┌─ Records supplied

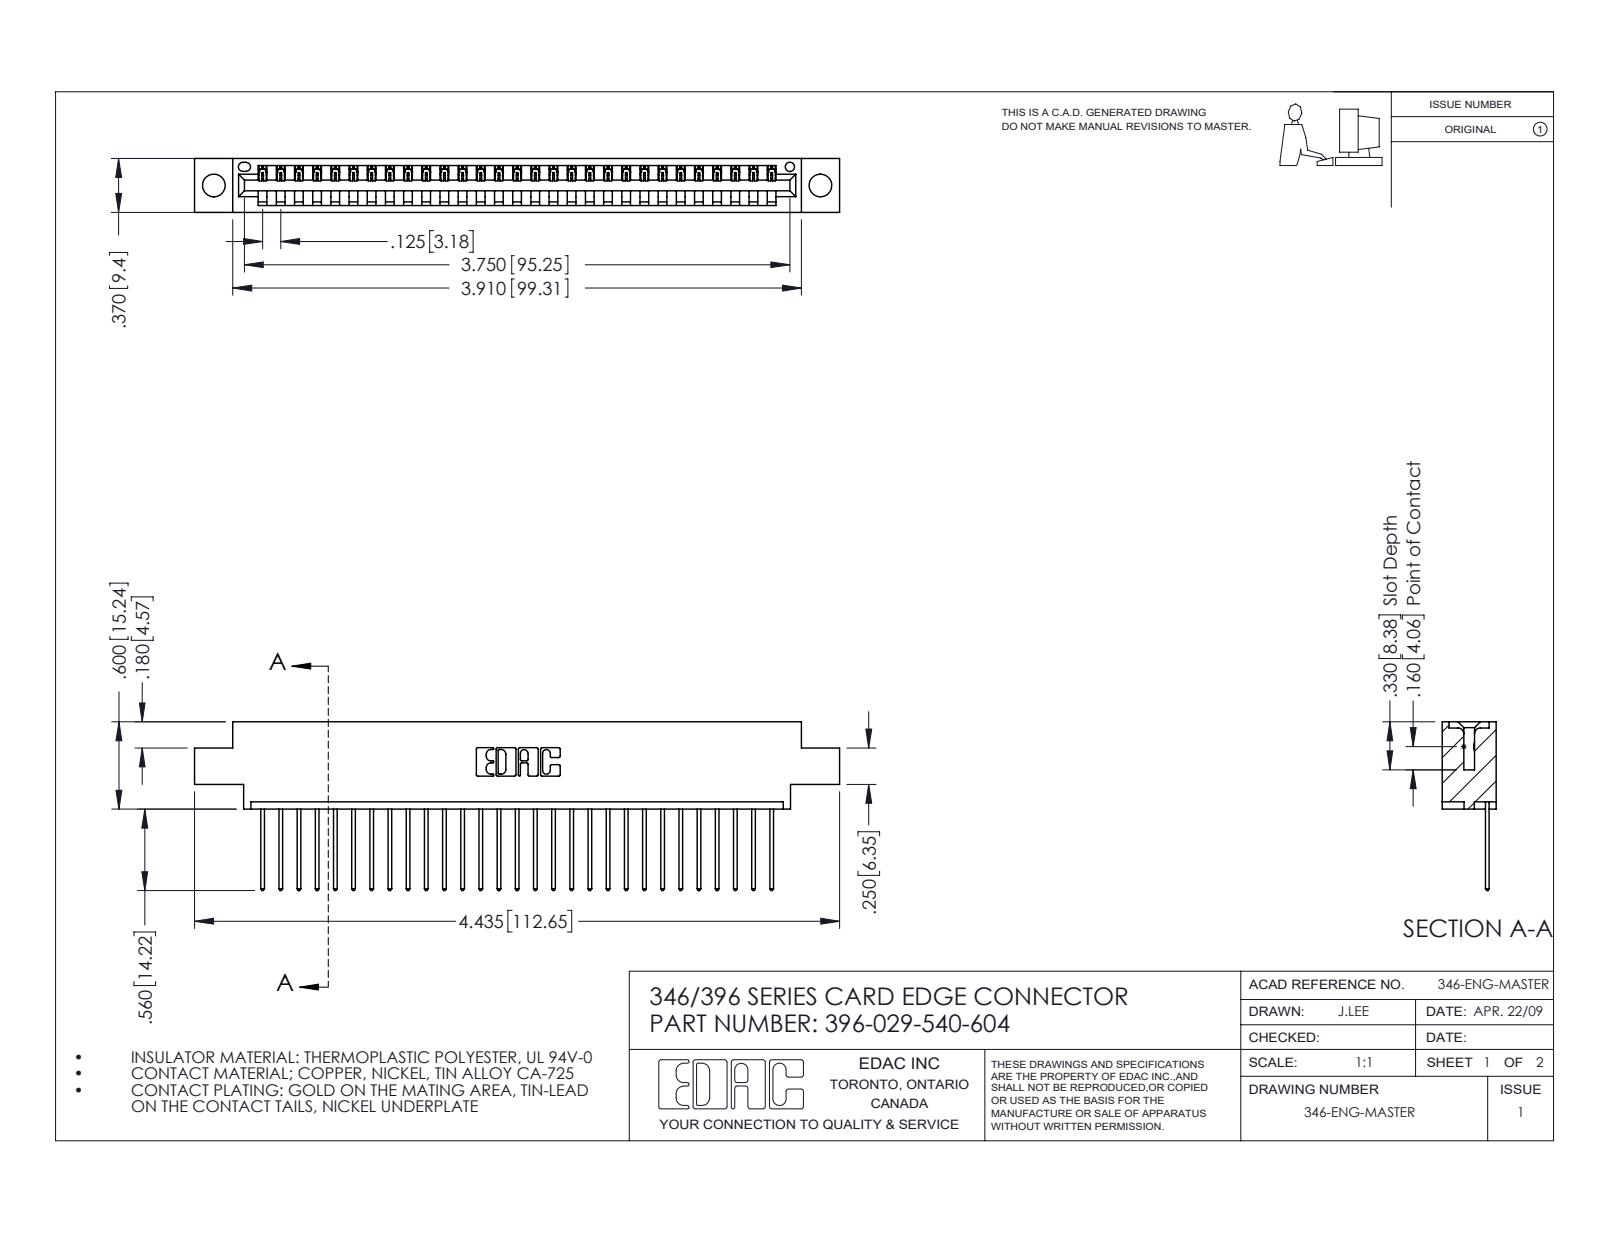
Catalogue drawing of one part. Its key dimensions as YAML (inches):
part_name: "396-029-540-604; 345-292-001_345-293-140; 346 Part_0.170 Offset - 0.156 Dia-TH"
step_written_by: "SolidWorks 2016 (CONFIG_CONTROL_DESIGN)"
units: inches
bodies: {solids: 30, faces: 1808, planar: 1240, cylindrical: 568, other: 0}
overall_size: [4.435, 1.16, 0.37]
volume: 0.64
surface_area: 20.5
round_holes:
  - {diameter: 0.156, count: 2}
  - {diameter: 0.064, count: 1}
partial_cylinders:
  - {radius: 0.006, count: 58}
  - {radius: 0.01, count: 58}
  - {radius: 0.01, count: 22}
  - {radius: 0.007, count: 6}
  - {radius: 0.031, count: 6}
  - {radius: 0.026, count: 3}
  - {radius: 0.031, count: 2}
  - {radius: 0.04, count: 2}
face_to_face_distances: [0.048, 0.322, 0.37, 0.25, 0.072, 0.298, 0.025, 0.148, 0.222, 0.1]
hole_center_spacings: [0.246, 3.962, 4.17]

└─

◆ What you need to do: Please copy the data shown above, line by line and exactly, omitting the images.

◆ Written answer:
Catalogue drawing of one part. Its key dimensions as YAML (inches):
part_name: "396-029-540-604; 345-292-001_345-293-140; 346 Part_0.170 Offset - 0.156 Dia-TH"
step_written_by: "SolidWorks 2016 (CONFIG_CONTROL_DESIGN)"
units: inches
bodies: {solids: 30, faces: 1808, planar: 1240, cylindrical: 568, other: 0}
overall_size: [4.435, 1.16, 0.37]
volume: 0.64
surface_area: 20.5
round_holes:
  - {diameter: 0.156, count: 2}
  - {diameter: 0.064, count: 1}
partial_cylinders:
  - {radius: 0.006, count: 58}
  - {radius: 0.01, count: 58}
  - {radius: 0.01, count: 22}
  - {radius: 0.007, count: 6}
  - {radius: 0.031, count: 6}
  - {radius: 0.026, count: 3}
  - {radius: 0.031, count: 2}
  - {radius: 0.04, count: 2}
face_to_face_distances: [0.048, 0.322, 0.37, 0.25, 0.072, 0.298, 0.025, 0.148, 0.222, 0.1]
hole_center_spacings: [0.246, 3.962, 4.17]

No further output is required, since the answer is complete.